Brewer's evolving game has been a godsend to Tennessee this season with the post depth down to three because of injuries to Faith Dupree and Vicki Baugh. Brewer struggled last season to adjust to playing inside and sometimes chafed at Summitt's daily expectations, but she handled the criticism, quit drifting out of the paint on offense, transferred practice repetitions to games with less slippage and has been rewarded this season with extended minutes.

"I think it's mostly a confidence thing," Cain said. "She doesn't go in the game scared, thinking of, ‘Oh my gosh, if I make a mistake, then I am going to get yanked out.' She's going to take it one play at a time and do what we work on in practice. In practice that's how she's playing."

Brewer got a seat on the bench last season for over-passing when she was at the rim instead of taking the shot – that can still get her a trip to the sideline – and for not sprinting the floor. She is in better condition this season, which set the other dominoes in motion and has allowed her to play at longer stretches of time.

"She really has found her game both offensively and defensively," Summitt said. "Offensively she is doing a great job of getting paint points, She is so much more aggressive but also skilled. She's stepped up big and made big shots. The good thing about her is that she's getting a piece of the paint all the time as opposed to getting pushed off the block. She is establishing the position she wants, not what the defense wants.

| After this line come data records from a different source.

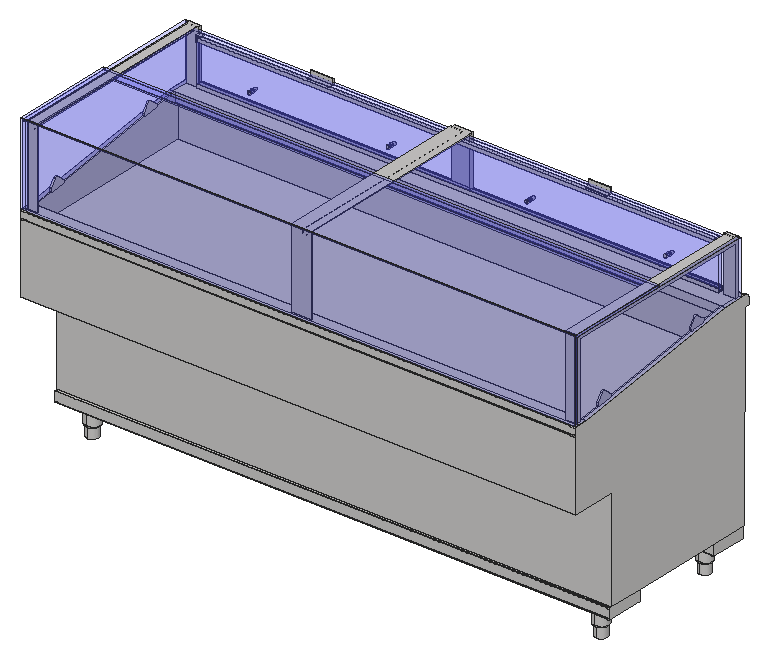
Revit family "Food-Service-Equipment_Oscartek_Rdpc2106_Standard_cat", category Specialty Equipment, Revit 2026 (continued)
Nested families (in)
  nested 1: "QF_Oscartek_RHCBM2000" at (19.37302, -8.33366, -0.60451), Watts <- "Watts", Volts <- "Volts", Phase <- "Phase", Number of Poles <- "Number of Poles", Min Ckt Ampacity <- "Min Ckt Ampacity", Max Overcurrent Protection <- "Max Overcurrent Protection", HP <- "HP", FL Amps <- "FL Amps", Electrical Remarks <- "Electrical Remarks", Electric Connection Type <- "Electric Connection Type", Elec Conn RI Height <- "Elec Conn RI Height", Cycle <- "Cycle", Conn Plug <- "Conn Plug", Conn Conduit <- "Conn Conduit", Apparent Power <- "Apparent Power", type "QF_Oscartek_RHCBM2000"
    with Watts 885 W, Volts 230 V, Type Mark "", Status "", Specification by User "", Revision Code "", Phase 1, Number of Poles 1, Min Ckt Ampacity 0 A, Max Overcurrent Protection 0 A, Item Number "", Installed By "", Identify Quantity as Lot yes, HP "", Furnished By "", Foodservice Equipment Identifier yes, FL Amps 4.5 A, Electrical Remarks "", Electric Connection Type "", Elec Conn RI Height 0", Elec Conn Connection Height 0", Cycle 50 Hz, Conn Plug "", Conn Conduit yes, Apparent Power 1035 VA
Connectors (in)
  electrical at (52.90027, -8.83366, 5.39549), driven by "Volts", driven by "Watts"
    settings: on Extrusion 25, index 1, voltage 230 V, apparent load 885 VA, apparent load phase1 0 VA, apparent load phase2 0 VA, apparent load phase3 0 VA, power factor 1, load classification "Other", number of poles 1, system type 30, power factor state 1, is connector primary yes, connector utility no, sub classification motor no, connector description "Electrical Connection"
  electrical at (19.87302, -8.83366, 5.39549), driven by "Volts", driven by "Watts"
    settings: on nested 1, index 2, voltage 230 V, apparent load 885 VA, apparent load phase1 0 VA, apparent load phase2 0 VA, apparent load phase3 0 VA, power factor 1, load classification "Other", number of poles 1, system type 30, power factor state 1, is connector primary no, connector utility no, sub classification motor no, connector description "Electrical Connection"
  piping at (3.25, -2.70866, 21.25), diameter 1
    settings: on Extrusion 33, index 3, connector inside diameter 1", connector length 0", flow factor 0, pipe flow 0 GPM, pressure drop 0.00 psi, fitting loss kfactor 0, connector angle 0.00°, fixture units 0, engagement length 0", angle of deflection 0.00°, flow configuration 1, flow direction 2, fitting loss method 0, system type 16, joint type 0, gender type 0, connector reference index -1, connector utility 0, adjustable connector no, is connector primary yes, connector description "Drain"
  piping at (75.75, -2.70866, 21.25), diameter 1
    settings: on Extrusion 33, index 4, connector inside diameter 1", connector length 0", flow factor 0, pipe flow 0 GPM, pressure drop 0.00 psi, fitting loss kfactor 0, connector angle 0.00°, fixture units 0, engagement length 0", angle of deflection 0.00°, flow configuration 1, flow direction 2, fitting loss method 0, system type 16, joint type 0, gender type 0, connector reference index -1, connector utility 0, adjustable connector no, is connector primary no, connector description "Drain"
Definition of nested family "QF_Oscartek_RHCBM2000"
  Parameters
    Weight in Pounds = 0
    Watts [instance] = 1680 W
    Volts [instance] = 120 V
    URL Cutsheet = ""
    URL = ""
    Type Mark [instance] = ""
    Status [instance] = ""
    Specification by User [instance] = ""
    Specification by Manufacturer = ""
    Serial Number = ""
    Seismic Rating = ""
    SMACNA No = ""
    Revision Code [instance] = ""
    Phase [instance] = 1
    Omniclass Number and Title = ""
    Number of Poles [instance] = 1
    NAFEM Spec ID Number = ""
    Model = "GEM R3 DP2000"
    Min Ckt Ampacity [instance] = 0 A
    Max Overcurrent Protection [instance] = 0 A
    Masterspec = ""
    Manufacturer = ""
    Item Number [instance] = ""
    Installed By [instance] = ""
    Identify Quantity as Lot [instance] = yes
    HP [instance] = ""
    Furnished By [instance] = ""
    Foodservice Equipment Identifier [instance] = yes
    FL Amps [instance] = 14 A
    Electrical Remarks [instance] = ""
    Electric Connection Type [instance] = ""
    Elec Conn RI Height [instance] = 0"
    Elec Conn Connection Height [instance] = 0"
    Description = ""
    Default Elevation = 0"
    Cycle [instance] = 60 Hz
    Conn Plug [instance] = ""
    Conn Conduit [instance] = yes
    CSI MasterFormat = ""
    CSI Master Format = ""
    Apparent Power [instance] = 1680 VA
  Reference planes (in)
    plane 1 "BACK": y = 0
    plane 2: z = 0
    plane 3 "LEFT": x = 0
    plane 4 "RIGHT": x = 1
    plane 5 "FRONT": y = -1
    plane 6 "TOP": z = 47.25
    plane 7 "Center Y": x = 0.5
    plane 8 "Center X": y = -0.5
    plane 9 "Base Height": z = 6
    plane 10: z = 21.25
  Forms (in)
    Extrusion 1, solid
      sketch origin (19.50198, 0, 0) x (1, 0, 0) y (0, 1, 0)
        loop
          circle (-19.00198, -0.5) r 0.25
      from 6 to 6.60451
  Dimensions and locks (in)
    equal spacing: plane 3 "LEFT", plane 7 "Center Y", plane 4 "RIGHT"
    plane 3 "LEFT" to plane 4 "RIGHT" = 1"
    equal spacing: plane 5 "FRONT", plane 8 "Center X", plane 1 "BACK"
    plane 5 "FRONT" to plane 1 "BACK" = 1"
    plane 6 "TOP" to level = 47 1/4"
    plane 9 "Base Height" to level = 6"
    plane 10 to level = 21 1/4"
    aligned and locked: level to plane 2
  Automatic sketch dimensions
    plane 8 "Center X" to Extrusion 1 sketch curve = 0"
    plane 7 "Center Y" to Extrusion 1 sketch curve = 0"
    radius of Extrusion 1 sketch curve = 1/4"
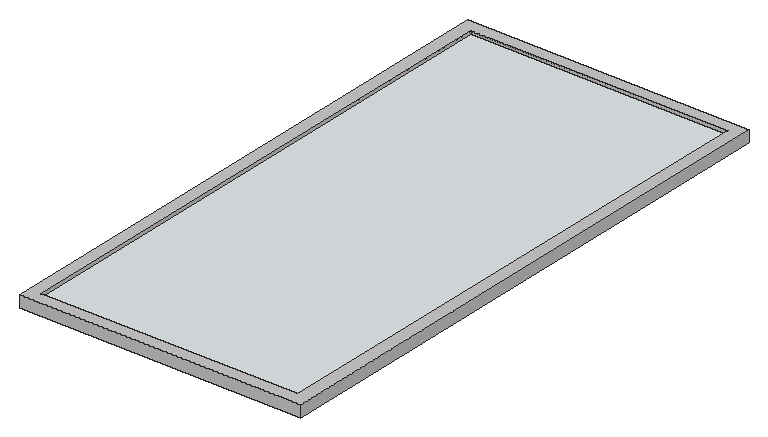
Revit family "Bradley-Washroom_Accessories-Mirrors-780_Custom", category Specialty Equipment, host Face, Revit 2015
Parameters
  Width [instance] = 18"
  Warranty Information = "Complete unit, excepting mirrors warranted for one year.\r\n Stainless steel mirror frames for fifteen years.\r\n Plate glass mirrors for fifteen years.\r\n This warranty does not cover installation or any other labor charges and does not apply to any units,\r\n which have been damaged by accident, abuse, improper installation, improper maintenance, or altered in any way."
  Version = "1.0"
  URL = "http://www.bradleycorp.com/"
  Type Comments = "ERROR - If you are able to see this message you haven't loaded this  family correctly."
  Total Width [instance] = if(and(not(Width > 120"), not(Width < 12")), Width, 24")  # 18"
  Total Height [instance] = if(and(not(Height > 72"), not(Height < 12")), Height, 36")  # 36"
  Reflective Material = Glass - Bradley Corp - BradEX - Polished Float Mirror
  OmniClass Title = "Mirrors"
  OmniClass Code = "23.40.95.17.17"
  Modeling Code = ""
  Model = "ERROR - If you are able to see this message you haven't loaded this  family correctly."
  MasterFormat Title = "Commercial Toilet Accessories"
  MasterFormat Number = "10 28 13. 13"
  Manufacturer = "Bradley Corporation"
  Keynote = "M08831300.01"
  Industry Standards = "ASTM C 1036"
  Height [instance] = 36"
  Fire Rating = "n/a"
  Dimensional Limits [instance] = ""
  Description = "ERROR - If you are able to see this message you haven't loaded this  family correctly."
  Depth [instance] = 3/4"
  Default Elevation = 40"
  Copyright = "This Model Data is Property of Bradley Corporation"
  Frame Material = Bradley Corp Stainless Steel - Satin
  Buy American Act = "Yes"
  Assembly Code = "C1030900"
  ADA Compliant = "Yes"
Reference planes (in)
  plane 1 "Center (Front/Back)": y = 0
  plane 2: z = 0
  plane 3 "Center (Left/Right)": x = 0
  plane 4 "Top": y = 18
  plane 5 "Right": x = 9
  plane 6 "Bottom": y = -18
  plane 7 "Left": x = -9
  plane 8 "Front": z = 0.75
  plane 9 "Center (Elevation)": y = -17.25
Forms (in)
  Extrusion 1, solid, material "Bradley Corp Stainless Steel - Satin" <- "Frame Material"
    sketch origin (0, 0, 0) x (1, 0, 0) y (0, 1, 0)
      loop
        line (-9, 18) -> (-9, -18) -> (9, -18) -> (9, 18) -> (-9, 18)
    from 0 to 0.75 <- "Depth"
  Extrusion 2, void
    sketch origin (0, 0, 0.75) x (-1, 0, 0) y (0, -1, 0)
      loop
        line (8.25, -17.25) -> (8.25, 17.25) -> (-8.25, 17.25) -> (-8.25, -17.25) -> (8.25, -17.25)
    from 0 to -0.375
  Extrusion 3, solid, material "Glass - Bradley Corp - BradEX - Polished Float Mirror" <- "Reflective Material"
    sketch origin (0, 0, 0.75) x (-1, 0, 0) y (0, -1, 0)
      loop
        line (8.25, -17.25) -> (8.25, 17.25) -> (-8.25, 17.25) -> (-8.25, -17.25) -> (8.25, -17.25)
    from -0.375 to -0.1875
Cuts and joins
  Extrusion 2 cuts Extrusion 1
Dimensions and locks (in)
  "Total Height": plane 6 "Bottom" to plane 4 "Top"
  equal spacing: plane 6 "Bottom", plane 1 "Center (Front/Back)", plane 4 "Top"
  "Total Width": plane 7 "Left" to plane 5 "Right"
  equal spacing: plane 7 "Left", plane 3 "Center (Left/Right)", plane 5 "Right"
  "Depth": plane 8 "Front" to plane 2
  "Depth": Extrusion 2 sketch curve to plane 6 "Bottom"
  "Depth": Extrusion 2 sketch curve to plane 4 "Top"
  "Depth": Extrusion 2 sketch curve to plane 5 "Right"
  "Depth": plane 7 "Left" to Extrusion 2 sketch curve
  equal spacing: plane 8 "Front", Extrusion 2, plane 2, locked at 0.375 each
  "Depth": plane 7 "Left" to Extrusion 3 sketch curve
  "Depth": Extrusion 3 sketch curve to plane 5 "Right"
  "Depth": Extrusion 3 sketch curve to plane 4 "Top"
  "Depth": Extrusion 3 sketch curve to plane 6 "Bottom"
  "Depth": plane 6 "Bottom" to plane 9 "Center (Elevation)"
  locked: plane 8 "Front" to Extrusion 3 at 0.1875
  aligned and locked: plane 2 to host face
  aligned and locked: level to host face
  aligned and locked: plane 7 "Left" to Extrusion 1 sketch curve
  aligned and locked: Extrusion 1 sketch curve to plane 4 "Top"
  aligned and locked: plane 6 "Bottom" to Extrusion 1 sketch curve
  aligned and locked: Extrusion 1 sketch curve to plane 5 "Right"
  aligned and locked: Extrusion 1 to plane 2
  aligned and locked: plane 8 "Front" to Extrusion 1
  aligned and locked: Extrusion 2 to plane 8 "Front"
  aligned and locked: Extrusion 3 to cut or joined group of Extrusion 1, Extrusion 2
Automatic sketch dimensions
  host sketch curve to host sketch curve = 24.183"
  host sketch curve to host sketch curve = 43.59035"
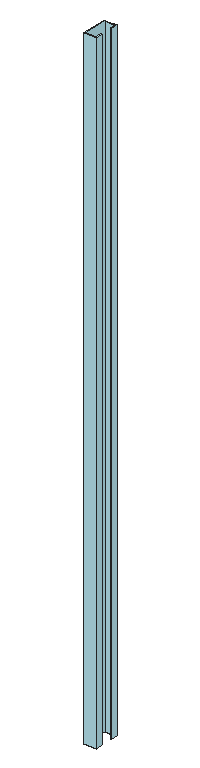
Revit family "hokyozai_40x1-6", category 機械設備, Revit 2022
Family settings
  丸型コネクタ寸法 = 直径を使用
  種別 = なし
  パーツ タイプ = 標準
  作業面ベース = いいえ
  常に垂直 = はい
  ロード時にボイドで切り取り = いいえ
  注釈の向きを維持 = いいえ
  共有 = いいえ
  部屋計算ポイント = いいえ
Parameters
  製造元 = "株式会社桐井製作所"
  既定の高さ = 0 mm
  URL = "https://www.kirii.co.jp/"
  K_長さ(mm) [instance] = 1000 mm
  K_材質 = "SGCC一般用・SGC340~570高強度一般用・SGH340~570高強度一般用"
  K_外形寸法(mm) = "40×20×10×1.6"
  K_品名 = "40補強材×1.6"
  K_名称 = "補強材"
  K_バージョン情報 = "20210524"
  K_めっき付着量 = "Z08"
  K_JIS規格 = "JIS G 3302"
Reference planes
  plane 1 "中心(正面/背面)": y = 0
  plane 2: z = 0
  plane 3 "中心(左/右)": x = 0
  plane 4: z = 1000
  plane 5: y = 40
Forms (mm)
  Extrusion 1, solid
    sketch origin (0, 0, 0) x (1, 0, 0) y (0, 1, 0)
      loop
        line (0, 0) -> (20, 0) -> (20, 10) -> (18.4, 10) -> (18.4, 1.6) -> (1.6, 1.6) -> (1.6, 38.4) -> (18.4, 38.4) -> (18.4, 30) -> (20, 30) -> (20, 40) -> (0, 40) -> (0, 0)
    from 0 to 1000
Dimensions and locks
  "K_長さ(mm)": plane 4 to plane 2
  aligned and locked: level to plane 2
  aligned and locked: plane 4 to Extrusion 1
Automatic sketch dimensions
  Extrusion 1 sketch curve to plane 3 "中心(左/右)" = 0 mm
  plane 1 "中心(正面/背面)" to Extrusion 1 sketch curve = 0 mm
  Extrusion 1 sketch curve to plane 5 = 0 mm
  plane 3 "中心(左/右)" to Extrusion 1 sketch curve = 1.6 mm
  Extrusion 1 sketch curve to plane 1 "中心(正面/背面)" = 10 mm
  Extrusion 1 sketch curve to Extrusion 1 sketch curve = 16.8 mm  (x2)
  Extrusion 1 sketch curve to plane 5 = 1.6 mm
  Extrusion 1 sketch curve to Extrusion 1 sketch curve = 1.6 mm  (x2)
  Extrusion 1 sketch curve to plane 1 "中心(正面/背面)" = 1.6 mm
  Extrusion 1 sketch curve to Extrusion 1 sketch curve = 8.4 mm

"With that said and her touch off the glass, she has got great hands and a really great touch in the paint. Even when she is double-teamed she finds a way to get away from that and get great looks at the basket. She's just been a great finisher."

When Cain and Brewer are in the game at the same time, it's an imposing defensive presence in the paint. They combined for 11 of the team's 15 blocks – a new school record – against Kentucky.

"A t first I didn't even think we had that many blocks until I looked up (at the stat board), and I was like, ‘Oh my gosh, that's a lot. That's a big number up there,' " Cain said. "We're two big bodies in there and a lot of guards like to test us. It's sending out a message if you're going to come in there, you're going to have to make a great play over us."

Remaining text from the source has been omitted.